══ EXERCISE MATERIAL

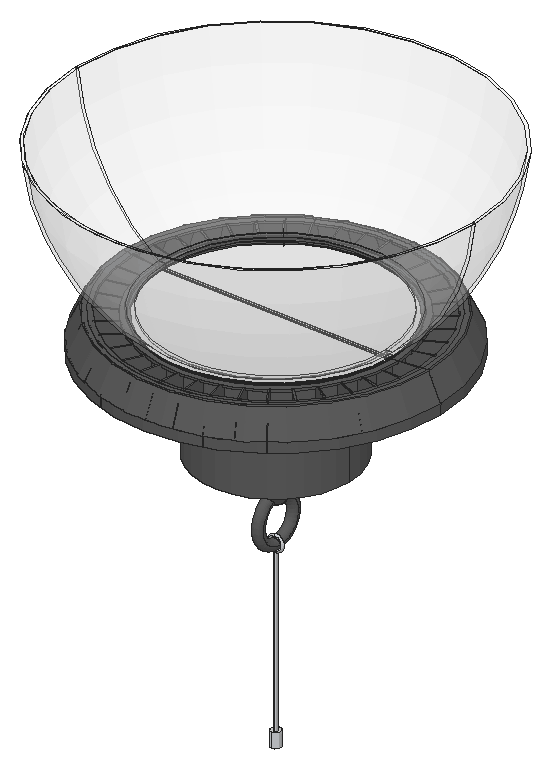
Revit family "0039352+0039361 Feilo Sylvania Lighting Fixture START HIGHBAY 6K 26KLM WIDE with PC LAMPSHADE TRANSPARENT FOR 26KLM", category Lighting Fixtures, host Face, Revit 2017
Family settings
  Host = Face
  Round Connector Dimension = Use Diameter
  Part Type = Normal
  OmniClass Number = 23.80.70.00
  OmniClass Title = Lighting
  Cut with Voids When Loaded = No
  Light Source = Yes
  Shared = No
  Room Calculation Point = No
Parameters (values of type "0039352+0039361 START HIGHBAY 6K 26KLM WIDE PC LAMPSHADE TRANSPARENT FOR 26KLM")
  WidthStraight_FEILO = if(SizeS_FEILO, 3 mm, if(SizeM_FEILO, 4 mm, 4.7 mm))  # 4.7 mm
  WidthRingChamfer_FEILO = if(SizeS_FEILO, 10.3 mm, if(SizeM_FEILO, 11.2 mm, 12.9 mm))  # 12.9 mm
  WidthCurved_FEILO = if(SizeS_FEILO, 17.4 mm, if(SizeM_FEILO, 16.4 mm, 26.2 mm))  # 26.2 mm
  WidthCurvedRing_FEILO = if(SizeS_FEILO, 3 mm, if(SizeM_FEILO, 4 mm, 4.7 mm))  # 4.7 mm
  WidthBracket_FEILO = 40 mm
  Weight = "3.7 kg"
  Wattage Comments = ""
  Wattage = 200 W
  WarrantyStartDate [instance] = "n/a"
  WarrantyGuarantorParts = "n/a"
  WarrantyDurationUnit = "n/a"
  WarrantyDurationParts = "n/a"
  WarrantyDescription = "n/a"
  built-in parameter 1150110 = 1 (stored number, unit not read)
  Voltage = 230 V
  VisibilityBracket_FEILO = no
  URL = "http://www.sylvania-lighting.com"
  TypeName = "START HIGHBAY 6K 26KLM WIDE PC LAMPSHADE TRANSPARENT FOR 26KLM"
  Type Image = <None>
  Type Comments = "n/a"
  built-in parameter 1114217 = 1 (stored number, unit not read)
  Tilt Angle = -90.00°
  ThicknessWall_FEILO = 1.5 mm
  ThicknessBracket_FEILO = 1.5 mm
  ThicknessBracketHalf_FEILO = ThicknessBracket_FEILO / 2  # 0.75 mm
  built-in parameter 1150109 = 1 (stored number, unit not read)
  built-in parameter 1150134 = 1
  SuspensionHeight_FEILO [instance] = 400 mm
  built-in parameter 1150113 = 1 (stored number, unit not read)
  SizeS_FEILO = no
  SizeM_FEILO = no
  ShadeThickness_FEILO = 3 mm
  ShadeSizeSM_FEILO = or(SizeS_FEILO, SizeM_FEILO)  # no
  ShadeRadiusOut_FEILO = 205 mm
  ShadeRadiusIn_FEILO = if(ShadeSizeSM_FEILO, 95 mm, 121 mm)  # 121 mm
  ShadeRadiusBend_FEILO = if(ShadeSizeSM_FEILO, 210 mm, 210 mm)  # 210 mm
  ShadeHeight_FEILO = if(ShadeSizeSM_FEILO, 120 mm, 151 mm)  # 151 mm
  SerialNumber [instance] = "n/a"
  Rib4_FEILO = if(SizeS_FEILO, 18.1 mm, if(SizeM_FEILO, 13.6 mm, 14.6 mm))  # 14.6 mm
  Rib3_FEILO = if(SizeS_FEILO, 15.3 mm, if(SizeM_FEILO, 17.6 mm, 20.2 mm))  # 20.2 mm
  Rib2_FEILO = if(SizeS_FEILO, 3.6 mm, if(SizeM_FEILO, 3.9 mm, 4.5 mm))  # 4.5 mm
  Rib1_FEILO = if(SizeS_FEILO, 15.1 mm, if(SizeM_FEILO, 16.5 mm, 19 mm))  # 19 mm
  RadiusDiffuser_FEILO = if(SizeS_FEILO, 95.2 mm, if(SizeM_FEILO, 105.3 mm, 120 mm))  # 120 mm
  RadiusArrayPost_FEILO = DriverRadius_FEILO - 6 mm  # 70.4 mm
  RHRadius3_FEILO = if(SizeS_FEILO, 6.6 mm, if(SizeM_FEILO, 7.4 mm, 8.6 mm))  # 8.6 mm
  RHRadius2_FEILO = if(SizeS_FEILO, 11 mm, if(SizeM_FEILO, 12 mm, 14 mm))  # 14 mm
  RHRadius1_FEILO = if(SizeS_FEILO, 13.6 mm, if(SizeM_FEILO, 14.9 mm, 17.7 mm))  # 17.7 mm
  RHHeight4_FEILO = if(SizeS_FEILO, 7.3 mm, if(SizeM_FEILO, 8 mm, 9.2 mm))  # 9.2 mm
  RHHeight3_FEILO = if(SizeS_FEILO, 3.6 mm, if(SizeM_FEILO, 3.7 mm, 4.6 mm))  # 4.6 mm
  RHHeight2_FEILO = if(SizeS_FEILO, 2 mm, if(SizeM_FEILO, 2.2 mm, 2.6 mm))  # 2.6 mm
  RHHeight1_FEILO = if(SizeS_FEILO, 11.8 mm, if(SizeM_FEILO, 15.3 mm, 17.4 mm))  # 17.4 mm
  Photometric Web File = "0039352+0039361.ies"
  Material_5_FEILO = Shade-Sylvania-StartHighbay-PC
  Material_3_FEILO = LED-Sylvania-StartHighbay-Glow
  PowerFactor = 0.95
  PowerConsumption = "200 W"
  NominalLength = 339 mm
  NominalHeight = 194 mm
  NominalDepth = 339 mm
  Name = "START HIGHBAY 6K 26KLM WIDE PC LAMPSHADE TRANSPARENT FOR 26KLM"
  ModelReference = Name  # "START HIGHBAY 6K 26KLM WIDE PC LAMPSHADE TRANSPARENT FOR 26KLM"
  ModelNumber = "0039352+0039361"
  Model = Name  # "START HIGHBAY 6K 26KLM WIDE PC LAMPSHADE TRANSPARENT FOR 26KLM"
  Material = "aluminium alloy housing, polycarbonate diffuser"
  ManufacturerName = "Feilo Sylvania"
  Manufacturer = "Feilo Sylvania"
  LuminousEfficacy = "130 lm/W"
  built-in parameter 1150105 = 17911 (stored number, unit not read)
  Lumens = 26000 lm
  LuminaireType = ""
  built-in parameter 1150115 = 1 (stored number, unit not read)
  LightOutputRatio = "n/a"
  built-in parameter 1150137 = (empty or 0)
  built-in parameter 1150139 = (empty or 0)
  LampsType = Lamp  # "LED"
  LampNominalLuminous = "26000 lm"
  LampMacAdamStep = "n/a"
  LampColourTemperature = "6500 K"
  LampColourRenderingIndex = "80"
  built-in parameter 1150112 = 1 (stored number, unit not read)
  built-in parameter 1150114 = 1 (stored number, unit not read)
  Lamp = "LED"
  Keynote = "16500"
  InstallationDate [instance] = "n/a"
  InputVoltage = "220-240V~"
  InputNominalFrequency = "50/60 Hz"
  built-in parameter 1150132 = (empty or 0)
  built-in parameter 1150102 = (empty or 0)
  built-in parameter 1150107 = 6500 (stored number, unit not read)
  built-in parameter 1150138 = (empty or 0)
  IngressProtection = "IP65"
  ImpactProtectionIndex = "IK08"
  built-in parameter 1150106 = 179.11 (stored number, unit not read)
  IfcExportType = "IfcLightFixtureType"
  IfcExportAs = "IfcLightFixtureType"
  HeightRing_FEILO = if(SizeS_FEILO, 19.8 mm, if(SizeM_FEILO, 32 mm, 36.8 mm))  # 36.8 mm
  HeightRingChamfer_FEILO = if(SizeS_FEILO, 11.7 mm, if(SizeM_FEILO, 23.2 mm, 26.6 mm))  # 26.6 mm
  EyeThickness_FEILO = if(SizeS_FEILO, 8.4 mm, if(SizeM_FEILO, 9.2 mm, 10.5 mm))  # 10.5 mm
  EyeThicknessHalf_FEILO = EyeThickness_FEILO / 2  # 5.25 mm
  EyeInner_FEILO = if(SizeS_FEILO, 13.8 mm, if(SizeM_FEILO, 15.1 mm, 17.3 mm))  # 17.3 mm
  ExpectedLife = 50000
  Emit from Circle Diameter = RadiusDiffuser_FEILO * 2  # 240 mm
  Emit Shape Visible in Rendering = no
  ElectricShockClassification = "Class I"
  built-in parameter 1150104 = 12.077 (stored number, unit not read)
  DurationUnit = "hours"
  DriverVerticalStraight_FEILO = if(SizeS_FEILO, 46.5 mm, if(SizeM_FEILO, 49.7 mm, 57 mm))  # 57 mm
  DriverVerticalChamfer_FEILO = if(SizeS_FEILO, 7.5 mm, if(SizeM_FEILO, 8.2 mm, 9.5 mm))  # 9.5 mm
  DriverRadius_FEILO = if(SizeS_FEILO, 61.4 mm, if(SizeM_FEILO, 67.2 mm, 76.4 mm))  # 76.4 mm
  DriverRadiusTop_FEILO = if(SizeS_FEILO, 42 mm, if(SizeM_FEILO, 45.3 mm, 52.4 mm))  # 52.4 mm
  DriverBottom_FEILO = if(SizeS_FEILO, 56 mm, if(SizeM_FEILO, 64.5 mm, 74 mm))  # 74 mm
  DocumentationLiterature = "http://www.sylvania-lighting.com/product/en-int/products/0039352"
  DimmingControlOptions = "n/a"
  Material_2_FEILO = Diffuser-Sylvania-StartHighbay-Transparent
  Radius_FEILO = if(SizeS_FEILO, 135 mm, if(SizeM_FEILO, 148 mm, 169.5 mm))  # 169.5 mm
  Dimming Lamp Color Temperature Shift = <None>
  DiameterWire_FEILO = 3 mm
  DiameterWireSupport_FEILO = 10 mm
  Description = "START HIGHBAY, includes 1 m cables, black aluminium housing, 26000LM, 200W, 130lm/W, 6500K, Driver current: 5000mA, CR80, 60° beam angle, 1-10V dimmable,  IP65, IK08, 50,000 hrs (L70B50), (LxWxH) 339x339x194mm"
  Default Elevation = 1219.2 mm
  CreatedOn = "2/28/2018"
  CreatedBy = ""
  Cost = 0
  Color Filter = 16777215
  built-in parameter 1114216 [instance] = (empty or 0)
  ClassificationValue = "EF_70_80"
  ClassificationName = "Uniclass2015"
  Material_1_FEILO = Body-Sylvania-StartHighbay-Black
  BarCode [instance] = "n/a"
  built-in parameter 1114218 = 1 (stored number, unit not read)
  built-in parameter 1150133 = 10 (stored number, unit not read)
  AssetType = "Fixed"
  AssetIdentifier [instance] = "n/a"
  Assembly Code = "D5020200"
  Apparent Load = 200 VA
  Material_4_FEILO = Shade-Sylvania-StartHighbay-PC
Reference planes
  plane 1 "Center (Front/Back)": y = 0
  plane 2: z = 0
  plane 3 "Center (Left/Right)": x = 0
  plane 4: z = 400
  plane 5: x = -169.5
  plane 6: x = -156.6
  plane 7: z = 373.4
  plane 8: z = 363.2
  plane 9: x = -151.9
  plane 10: z = 397.375
  plane 11: x = -125.7
  plane 12: x = -120
  plane 13: x = -147.2
  plane 14: z = 398.375
  plane 15: z = 396.375
  plane 16: x = -117
  plane 17: z = 395.375
  plane 18: x = -168
  plane 19: x = -150.5
  plane 20: z = 358.7
  plane 21: x = -130.3
  plane 22: z = 344.1
  plane 23: x = -20
  plane 24: z = 326
  plane 25: x = -76.4
  plane 26: z = 269
  plane 27: x = -52.4
  plane 28: z = 259.5
  plane 29: x = -17.7
  plane 30: z = 242.1
  plane 31: z = 239.5
  plane 32: x = -14
  plane 33: z = 234.9
  plane 34: z = 225.7
  plane 35: x = -8.6
  plane 36: z = 208.4
  plane 37: z = 191.1
  plane 38: x = 5.25
  plane 39: x = -5.25
  plane 40: z = 180.6
  plane 41: z = 185.85
  plane 42: x = -162.3
  plane 43: x = -167
  plane 44: z = 361.7
  plane 45: x = -155.1
  plane 46: z = 297.5
  plane 47: y = -20
  plane 48: y = 20
  plane 49: x = 169.5
  plane 50: x = 156.6
  plane 51: x = 168
  plane 52: x = 162.3
  plane 53: x = 167
  plane 54: x = 155.1
  plane 55: z = 194.1
  plane 56: y = 1.5
  plane 57: y = -1.5
  plane 58: z = 192.6
  plane 59: z = 179.1
  plane 60: z = 177.6
  plane 61: y = -5
  plane 62: y = 5
  plane 63: z = 14
  plane 64: x = -205
  plane 65: z = 551
  plane 66: x = -121
  plane 67: x = -113
  plane 68: x = -202
  plane 69: z = 403
Forms (mm)
  Revolve 1, solid, material "Body-Sylvania-StartHighbay-Black" <- "Material_1_FEILO", detail levels medium+fine
    sketch origin (0, 0, 0) x (1, 0, 0) y (0, 0, 1)
      loop
        line (-169.5, 363.2) -> (-168, 363.2) -> (-168, 373.055) -> (-156.206, 397.375) -> (-147.2, 397.375) -> (-147.2, 399.137)
        arc (-147.2, 399.137) -> (-149.554, 399.547) -> (-151.9, 400) r 132.063
        line (-151.9, 400) -> (-156.141, 400)
        arc (-156.141, 400) -> (-156.63, 399.826) -> (-156.899, 399.383) r 0.774
        line (-156.899, 399.383) -> (-169.5, 373.4) -> (-169.5, 363.2)
      axis (0, 400) -> (0, 363.2)
    angle from 360 to 0
  Revolve 2, solid, material "Body-Sylvania-StartHighbay-Black" <- "Material_1_FEILO", detail levels medium+fine
    sketch origin (0, 0, 0) x (1, 0, 0) y (0, 0, 1)
      loop
        line (-125.7, 395.375) -> (-120, 395.375) -> (-120, 373.4) -> (0, 373.4) -> (0, 395.375) -> (-117, 395.375) -> (-117, 396.375) -> (-120, 396.375) -> (-120, 397.375) -> (-125.7, 397.375) -> (-125.7, 395.375)
      axis (0, 397.375) -> (0, 373.4)
    angle from 360 to 0
  Revolve 3, solid, material "Diffuser-Sylvania-StartHighbay-Transparent" <- "Material_2_FEILO", detail levels medium+fine
    sketch origin (0, 0, 0) x (1, 0, 0) y (0, 0, 1)
      loop
        line (-120, 396.375) -> (0, 396.375) -> (0, 398.375) -> (-120, 398.375) -> (-120, 396.375)
      axis (0, 398.375) -> (0, 396.375)
    angle from 360 to 0
  Revolve 4, solid, material "Body-Sylvania-StartHighbay-Black" <- "Material_1_FEILO"
    sketch origin (0, 0, 0) x (1, 0, 0) y (0, 0, 1)
      loop
        line (-76.4, 344.1) -> (-76.4, 269) -> (-52.4, 259.5) -> (-17.7, 259.5) -> (-17.7, 242.1) -> (-14, 239.5) -> (-14, 234.9) -> (-9.037, 226.426)
        arc (-9.037, 226.426) -> (-8.49, 225.894) -> (-7.753, 225.7) r 1.5
        line (-7.753, 225.7) -> (0, 225.7) -> (0, 344.1) -> (-76.4, 344.1)
      axis (0, 344.1) -> (0, 225.7)
    angle from 360 to 0
  Revolve 5, solid, material "Body-Sylvania-StartHighbay-Black" <- "Material_1_FEILO"
    sketch origin (0, 0, 0) x (1, 0, 0) y (0, 0, 1)
      loop
        circle (0, 185.85) r 5.25
      axis (5.25, 208.4) -> (-5.25, 208.4)
    angle from 360 to 0
  Extrusion 6, solid, material "Body-Sylvania-StartHighbay-Black" <- "Material_1_FEILO", visible <- "VisibilityBracket_FEILO"
    sketch origin (0, 0, 0) x (1, 0, 0) y (0, 0, 1)
      loop
        line (-167, 363.2) -> (-167, 361.7) -> (-157.35, 361.7)
        arc (-157.35, 361.7) -> (-156.82, 361.48) -> (-156.6, 360.95) r 0.75
        line (-156.6, 360.95) -> (-156.6, 297.5) -> (-155.1, 297.5) -> (-155.1, 361.7)
        arc (-155.1, 361.7) -> (-155.539, 362.761) -> (-156.6, 363.2) r 1.5
        line (-156.6, 363.2) -> (-167, 363.2)
      loop
        line (167, 363.2) -> (156.6, 363.2)
        arc (156.6, 363.2) -> (155.539, 362.761) -> (155.1, 361.7) r 1.5
        line (155.1, 361.7) -> (155.1, 297.5) -> (156.6, 297.5) -> (156.6, 360.95)
        arc (156.6, 360.95) -> (156.82, 361.48) -> (157.35, 361.7) r 0.75
        line (157.35, 361.7) -> (167, 361.7) -> (167, 363.2)
    from -20 to 20
  Extrusion 7, void
    sketch origin (0, 0, 0) x (0, 1, 0) y (0, 0, 1)
      loop
        arc (-10, 297.5) -> (-17.071, 300.429) -> (-20, 307.5) r 10
        line (-20, 307.5) -> (-25, 307.5) -> (-25, 292.5) -> (-10, 292.5) -> (-10, 297.5)
      loop
        line (10, 297.5) -> (10, 292.5) -> (25, 292.5) -> (25, 307.5) -> (20, 307.5)
        arc (20, 307.5) -> (17.071, 300.429) -> (10, 297.5) r 10
    from -156.6 to 156.6
  Revolve 8, solid, material "Body-Sylvania-StartHighbay-Black" <- "Material_1_FEILO", detail levels coarse
    sketch origin (0, 0, 0) x (1, 0, 0) y (0, 0, 1)
      loop
        line (0, 400) -> (-156.6, 400) -> (-169.5, 373.4) -> (-169.5, 363.2) -> (-150.5, 363.2) -> (-150.5, 358.7) -> (-130.3, 344.1) -> (0, 344.1) -> (0, 400)
      axis (0, 400) -> (0, 344.1)
    angle from 360 to 0
  Revolve 9, solid
    sketch origin (0, 0, 0) x (0, 1, 0) y (0, 0, 1)
      loop
        circle (0, 192.6) r 1.5
      axis (1.5, 185.85) -> (-1.5, 185.85)
    angle from 360 to 0
  Revolve 10, solid
    sketch origin (0, 0, 0) x (0, 1, 0) y (0, 0, 1)
      loop
        line (0, 0) -> (0, 179.1) -> (-1.5, 179.1) -> (-1.5, 14) -> (-5, 14) -> (-5, 0) -> (0, 0)
      axis (0, 0) -> (0, 179.1)
    angle from 360 to 0
  Revolve 11, solid, material "Shade-Sylvania-StartHighbay-PC" <- "Material_4_FEILO"
    sketch origin (0, 0, 0) x (1, 0, 0) y (0, 0, 1)
      loop
        line (-121, 400) -> (-113, 400) -> (-113, 403) -> (-120.341, 403)
        arc (-120.341, 403) -> (-177.055, 468.269) -> (-202.193, 551) r 207.203
        line (-202.193, 551) -> (-205, 551)
        arc (-205, 551) -> (-179.25, 466.46) -> (-121, 400) r 210
      axis (0, 551) -> (0, 400)
    angle from 360 to 0
Cuts and joins
  Extrusion 7 cuts Extrusion 6
Lines and regions (mm)
  reference lines
    curve 1: line (-169.5, 0, 373.4) -> (-156.6, 0, 400)
    curve 2: line (-125.7, 0, 397.375) -> (0, 0, 397.375)
    curve 3: arc (-125.7, 0, 397.375) -> (-138.866, 0, 398.033) -> (-151.9, 0, 400) r 132.063
    curve 4: line (-156.6, 0, 400) -> (-151.9, 0, 400)
    curve 5: line (-156.206, 0, 397.375) -> (-168, 0, 373.055)
    curve 6: line (-150.5, 0, 358.7) -> (-130.3, 0, 344.1)
    curve 7: line (-14, 0, 234.9) -> (-8.6, 0, 225.7)
    curve 8: circle (0, 0, 185.85) r 5.25 normal (0, -1, 0)
    curve 9: arc (-121, 0, 400) -> (-179.25, 0, 466.46) -> (-205, 0, 551) r 210
Dimensions and locks
  "Radius_FEILO": plane 3 "Center (Left/Right)" to plane 5
  "WidthRingChamfer_FEILO": plane 6 to plane 5
  "WidthStraight_FEILO": plane 9 to plane 6
  "WidthCurvedRing_FEILO": plane 13 to plane 9
  locked: plane 10 to plane 15 at 1
  locked: plane 14 to plane 10 at 1
  locked: plane 4 to plane 10 at 2.625
  locked: plane 15 to plane 17 at 1
  "ThicknessWall_FEILO": plane 18 to plane 5
  "ThicknessWall_FEILO": curve 5 to curve 1
  "HeightRingChamfer_FEILO": plane 4 to plane 7
  "HeightRing_FEILO": plane 4 to plane 8
  "RadiusDiffuser_FEILO": plane 3 "Center (Left/Right)" to plane 12
  locked: plane 16 to plane 12 at 3
  "WidthCurved_FEILO": plane 11 to plane 9
  "SuspensionHeight_FEILO": plane 4 to plane 2
  "Rib1_FEILO": plane 19 to plane 5
  "Rib2_FEILO": plane 8 to plane 20
  "Rib3_FEILO": plane 21 to plane 19
  "Rib4_FEILO": plane 20 to plane 22
  locked: plane 3 "Center (Left/Right)" to plane 23 at 20
  "DriverBottom_FEILO": plane 4 to plane 24
  "DriverRadius_FEILO": plane 3 "Center (Left/Right)" to plane 25
  "DriverVerticalStraight_FEILO": plane 24 to plane 26
  "DriverRadiusTop_FEILO": plane 3 "Center (Left/Right)" to plane 27
  "DriverVerticalChamfer_FEILO": plane 26 to plane 28
  "RHRadius1_FEILO": plane 3 "Center (Left/Right)" to plane 29
  "RHHeight2_FEILO": plane 30 to plane 31
  "RHRadius2_FEILO": plane 3 "Center (Left/Right)" to plane 32
  "RHHeight3_FEILO": plane 31 to plane 33
  "RHHeight4_FEILO": plane 33 to plane 34
  "RHRadius3_FEILO": plane 3 "Center (Left/Right)" to plane 35
  "RHHeight1_FEILO": plane 28 to plane 30
  "EyeInner_FEILO": plane 34 to plane 36
  "EyeInner_FEILO": plane 36 to plane 37
  equal spacing: plane 38, plane 3 "Center (Left/Right)", plane 39
  "EyeThickness_FEILO": plane 38 to plane 39
  "EyeThickness_FEILO": plane 37 to plane 40
  equal spacing: plane 37, plane 41, plane 40
  equal spacing: plane 6, plane 42, plane 18
  "ThicknessBracket_FEILO": plane 45 to plane 6
  "ThicknessBracket_FEILO": plane 8 to plane 44
  locked: plane 43 to plane 18 at 1
  equal spacing: plane 24, plane 46, plane 26
  equal spacing: plane 47, plane 1 "Center (Front/Back)", plane 48
  "WidthBracket_FEILO": plane 47 to plane 48
  "WidthRingChamfer_FEILO": plane 50 to plane 49
  "ThicknessWall_FEILO": plane 51 to plane 49
  equal spacing: plane 50, plane 52, plane 51
  "ThicknessBracket_FEILO": plane 54 to plane 50
  locked: plane 53 to plane 51 at 1
  "Radius_FEILO": plane 49 to plane 3 "Center (Left/Right)"
  equal spacing: plane 57, imposter light, plane 56
  "DiameterWire_FEILO": plane 57 to plane 56
  "DiameterWire_FEILO": plane 37 to plane 55
  equal spacing: plane 37, plane 58, plane 55
  "DiameterWire_FEILO": plane 60 to plane 40
  equal spacing: plane 60, plane 59, plane 40
  equal spacing: plane 61, plane 1 "Center (Front/Back)", plane 62
  "DiameterWireSupport_FEILO": plane 61 to plane 62
  locked: plane 63 to plane 2 at 14
  "ShadeRadiusOut_FEILO": plane 3 "Center (Left/Right)" to plane 64
  "ShadeHeight_FEILO": plane 65 to plane 4
  "ShadeRadiusIn_FEILO": plane 3 "Center (Left/Right)" to plane 66
  locked: plane 67 to plane 66 at 8
  "ShadeThickness_FEILO": plane 69 to plane 4
  "ShadeThickness_FEILO": plane 68 to plane 64
  "EyeThicknessHalf_FEILO": radius of curve 8
  "ThicknessBracket_FEILO": radius of Extrusion 6 sketch curve  (x2)
  "ThicknessBracketHalf_FEILO": radius of Extrusion 6 sketch curve  (x2)
  "DiameterWire_FEILO": diameter of Revolve 9 sketch curve
  "ShadeRadiusBend_FEILO": radius of curve 9
  aligned and locked: plane 2 to host face
  aligned and locked: level to host face
  aligned and locked: plane 5 to curve 1
  aligned and locked: plane 6 to curve 1
  aligned and locked: plane 7 to curve 1
  aligned and locked: plane 10 to curve 2
  aligned and locked: plane 9 to curve 3
  aligned and locked: plane 4 to curve 3
  aligned and locked: plane 11 to curve 3
  aligned and locked: plane 4 to curve 4
  aligned and locked: plane 18 to curve 5
  aligned and locked: plane 10 to curve 5
  aligned and locked: Revolve 1 sketch curve to plane 3 "Center (Left/Right)"
  aligned and locked: Revolve 1 sketch curve to curve 3
  aligned and locked: Revolve 1 sketch curve to curve 1
  aligned and locked: plane 4 to Revolve 1 sketch curve
  aligned and locked: plane 9 to Revolve 1 sketch curve
  aligned and locked: Revolve 1 sketch curve to plane 13
  aligned and locked: Revolve 1 sketch curve to plane 10
  aligned and locked: plane 13 to Revolve 1 sketch curve
  aligned and locked: plane 10 to Revolve 1 sketch curve
  aligned and locked: Revolve 1 sketch curve to plane 18
  aligned and locked: Revolve 1 sketch curve to plane 8
  aligned and locked: plane 5 to Revolve 1 sketch curve  (x2)
  aligned and locked: Revolve 2 sketch curve to plane 3 "Center (Left/Right)"
  aligned and locked: plane 11 to Revolve 2 sketch curve
  aligned and locked: Revolve 2 sketch curve to curve 2
  aligned and locked: plane 15 to Revolve 2 sketch curve
  aligned and locked: Revolve 2 sketch curve to plane 16
  aligned and locked: plane 17 to Revolve 2 sketch curve  (x2)
  aligned and locked: Revolve 2 sketch curve to plane 12
  aligned and locked: plane 7 to Revolve 2 sketch curve
  aligned and locked: Revolve 3 sketch curve to plane 3 "Center (Left/Right)"
  aligned and locked: Revolve 3 sketch curve to plane 14
  aligned and locked: plane 3 "Center (Left/Right)" to Revolve 3 sketch curve
  aligned and locked: Revolve 3 sketch curve to plane 12
  aligned and locked: plane 15 to Revolve 3 sketch curve
  aligned and locked: Revolve 1 sketch curve to curve 5
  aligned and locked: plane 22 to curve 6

════

From the line holding "VisibilityBracket_FEILO = no" to the line holding "SuspensionHeight_FEILO [instance] = 400 mm", inclusive, restate each line above exactly as written.

  VisibilityBracket_FEILO = no
  URL = "http://www.sylvania-lighting.com"
  TypeName = "START HIGHBAY 6K 26KLM WIDE PC LAMPSHADE TRANSPARENT FOR 26KLM"
  Type Image = <None>
  Type Comments = "n/a"
  built-in parameter 1114217 = 1 (stored number, unit not read)
  Tilt Angle = -90.00°
  ThicknessWall_FEILO = 1.5 mm
  ThicknessBracket_FEILO = 1.5 mm
  ThicknessBracketHalf_FEILO = ThicknessBracket_FEILO / 2  # 0.75 mm
  built-in parameter 1150109 = 1 (stored number, unit not read)
  built-in parameter 1150134 = 1
  SuspensionHeight_FEILO [instance] = 400 mm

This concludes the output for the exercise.